▶ **The task**
Please give an exact transcription of the records shown below.

▶ **Data provided**
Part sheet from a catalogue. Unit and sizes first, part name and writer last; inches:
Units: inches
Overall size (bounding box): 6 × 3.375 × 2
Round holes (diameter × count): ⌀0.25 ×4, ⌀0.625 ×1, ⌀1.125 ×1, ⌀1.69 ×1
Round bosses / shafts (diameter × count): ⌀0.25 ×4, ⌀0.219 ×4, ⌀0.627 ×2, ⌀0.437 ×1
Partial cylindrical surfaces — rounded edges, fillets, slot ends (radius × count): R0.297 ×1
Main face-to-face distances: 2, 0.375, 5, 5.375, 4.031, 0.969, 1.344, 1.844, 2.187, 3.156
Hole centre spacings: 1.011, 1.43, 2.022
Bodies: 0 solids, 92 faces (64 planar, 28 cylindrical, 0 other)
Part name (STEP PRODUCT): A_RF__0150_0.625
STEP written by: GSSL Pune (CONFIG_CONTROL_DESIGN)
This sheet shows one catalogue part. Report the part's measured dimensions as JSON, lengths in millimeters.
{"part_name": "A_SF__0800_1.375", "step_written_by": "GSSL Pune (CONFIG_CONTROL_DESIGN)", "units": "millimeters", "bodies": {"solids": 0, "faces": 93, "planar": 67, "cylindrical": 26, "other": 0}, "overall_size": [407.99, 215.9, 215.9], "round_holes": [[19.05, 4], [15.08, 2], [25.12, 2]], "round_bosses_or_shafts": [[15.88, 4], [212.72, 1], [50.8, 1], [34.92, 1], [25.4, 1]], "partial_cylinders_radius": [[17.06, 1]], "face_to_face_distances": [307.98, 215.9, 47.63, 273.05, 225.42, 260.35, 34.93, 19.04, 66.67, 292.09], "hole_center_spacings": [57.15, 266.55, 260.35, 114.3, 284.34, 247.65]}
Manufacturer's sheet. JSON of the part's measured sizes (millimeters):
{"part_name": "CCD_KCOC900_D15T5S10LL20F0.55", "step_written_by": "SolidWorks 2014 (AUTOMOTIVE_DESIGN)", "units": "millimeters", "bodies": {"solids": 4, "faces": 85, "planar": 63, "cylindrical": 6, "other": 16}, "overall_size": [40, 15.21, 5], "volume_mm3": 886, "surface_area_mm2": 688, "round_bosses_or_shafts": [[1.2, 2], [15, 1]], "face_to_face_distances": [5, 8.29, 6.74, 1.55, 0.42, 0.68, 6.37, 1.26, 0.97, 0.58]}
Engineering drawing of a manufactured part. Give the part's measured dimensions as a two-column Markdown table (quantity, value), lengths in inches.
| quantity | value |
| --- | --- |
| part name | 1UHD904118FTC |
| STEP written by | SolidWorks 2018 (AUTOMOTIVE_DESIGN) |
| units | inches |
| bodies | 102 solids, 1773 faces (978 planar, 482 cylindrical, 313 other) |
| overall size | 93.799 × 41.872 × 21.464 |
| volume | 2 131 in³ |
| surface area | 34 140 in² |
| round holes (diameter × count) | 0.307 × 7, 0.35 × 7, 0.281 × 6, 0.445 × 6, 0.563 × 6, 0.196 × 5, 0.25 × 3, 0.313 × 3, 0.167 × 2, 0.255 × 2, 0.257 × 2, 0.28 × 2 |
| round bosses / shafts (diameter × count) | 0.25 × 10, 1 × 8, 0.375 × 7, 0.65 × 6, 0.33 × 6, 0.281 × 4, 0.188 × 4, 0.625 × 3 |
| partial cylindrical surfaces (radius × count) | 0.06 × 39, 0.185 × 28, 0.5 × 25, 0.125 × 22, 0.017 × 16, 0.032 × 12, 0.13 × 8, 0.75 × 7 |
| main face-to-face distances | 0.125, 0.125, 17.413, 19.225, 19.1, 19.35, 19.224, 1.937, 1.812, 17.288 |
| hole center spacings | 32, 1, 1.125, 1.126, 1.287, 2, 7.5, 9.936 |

▶ **Answer section**
Part sheet from a catalogue. Unit and sizes first, part name and writer last; inches:
Units: inches
Overall size (bounding box): 6 × 3.375 × 2
Round holes (diameter × count): ⌀0.25 ×4, ⌀0.625 ×1, ⌀1.125 ×1, ⌀1.69 ×1
Round bosses / shafts (diameter × count): ⌀0.25 ×4, ⌀0.219 ×4, ⌀0.627 ×2, ⌀0.437 ×1
Partial cylindrical surfaces — rounded edges, fillets, slot ends (radius × count): R0.297 ×1
Main face-to-face distances: 2, 0.375, 5, 5.375, 4.031, 0.969, 1.344, 1.844, 2.187, 3.156
Hole centre spacings: 1.011, 1.43, 2.022
Bodies: 0 solids, 92 faces (64 planar, 28 cylindrical, 0 other)
Part name (STEP PRODUCT): A_RF__0150_0.625
STEP written by: GSSL Pune (CONFIG_CONTROL_DESIGN)
This sheet shows one catalogue part. Report the part's measured dimensions as JSON, lengths in millimeters.
{"part_name": "A_SF__0800_1.375", "step_written_by": "GSSL Pune (CONFIG_CONTROL_DESIGN)", "units": "millimeters", "bodies": {"solids": 0, "faces": 93, "planar": 67, "cylindrical": 26, "other": 0}, "overall_size": [407.99, 215.9, 215.9], "round_holes": [[19.05, 4], [15.08, 2], [25.12, 2]], "round_bosses_or_shafts": [[15.88, 4], [212.72, 1], [50.8, 1], [34.92, 1], [25.4, 1]], "partial_cylinders_radius": [[17.06, 1]], "face_to_face_distances": [307.98, 215.9, 47.63, 273.05, 225.42, 260.35, 34.93, 19.04, 66.67, 292.09], "hole_center_spacings": [57.15, 266.55, 260.35, 114.3, 284.34, 247.65]}
Manufacturer's sheet. JSON of the part's measured sizes (millimeters):
{"part_name": "CCD_KCOC900_D15T5S10LL20F0.55", "step_written_by": "SolidWorks 2014 (AUTOMOTIVE_DESIGN)", "units": "millimeters", "bodies": {"solids": 4, "faces": 85, "planar": 63, "cylindrical": 6, "other": 16}, "overall_size": [40, 15.21, 5], "volume_mm3": 886, "surface_area_mm2": 688, "round_bosses_or_shafts": [[1.2, 2], [15, 1]], "face_to_face_distances": [5, 8.29, 6.74, 1.55, 0.42, 0.68, 6.37, 1.26, 0.97, 0.58]}
Engineering drawing of a manufactured part. Give the part's measured dimensions as a two-column Markdown table (quantity, value), lengths in inches.
| quantity | value |
| --- | --- |
| part name | 1UHD904118FTC |
| STEP written by | SolidWorks 2018 (AUTOMOTIVE_DESIGN) |
| units | inches |
| bodies | 102 solids, 1773 faces (978 planar, 482 cylindrical, 313 other) |
| overall size | 93.799 × 41.872 × 21.464 |
| volume | 2 131 in³ |
| surface area | 34 140 in² |
| round holes (diameter × count) | 0.307 × 7, 0.35 × 7, 0.281 × 6, 0.445 × 6, 0.563 × 6, 0.196 × 5, 0.25 × 3, 0.313 × 3, 0.167 × 2, 0.255 × 2, 0.257 × 2, 0.28 × 2 |
| round bosses / shafts (diameter × count) | 0.25 × 10, 1 × 8, 0.375 × 7, 0.65 × 6, 0.33 × 6, 0.281 × 4, 0.188 × 4, 0.625 × 3 |
| partial cylindrical surfaces (radius × count) | 0.06 × 39, 0.185 × 28, 0.5 × 25, 0.125 × 22, 0.017 × 16, 0.032 × 12, 0.13 × 8, 0.75 × 7 |
| main face-to-face distances | 0.125, 0.125, 17.413, 19.225, 19.1, 19.35, 19.224, 1.937, 1.812, 17.288 |
| hole center spacings | 32, 1, 1.125, 1.126, 1.287, 2, 7.5, 9.936 |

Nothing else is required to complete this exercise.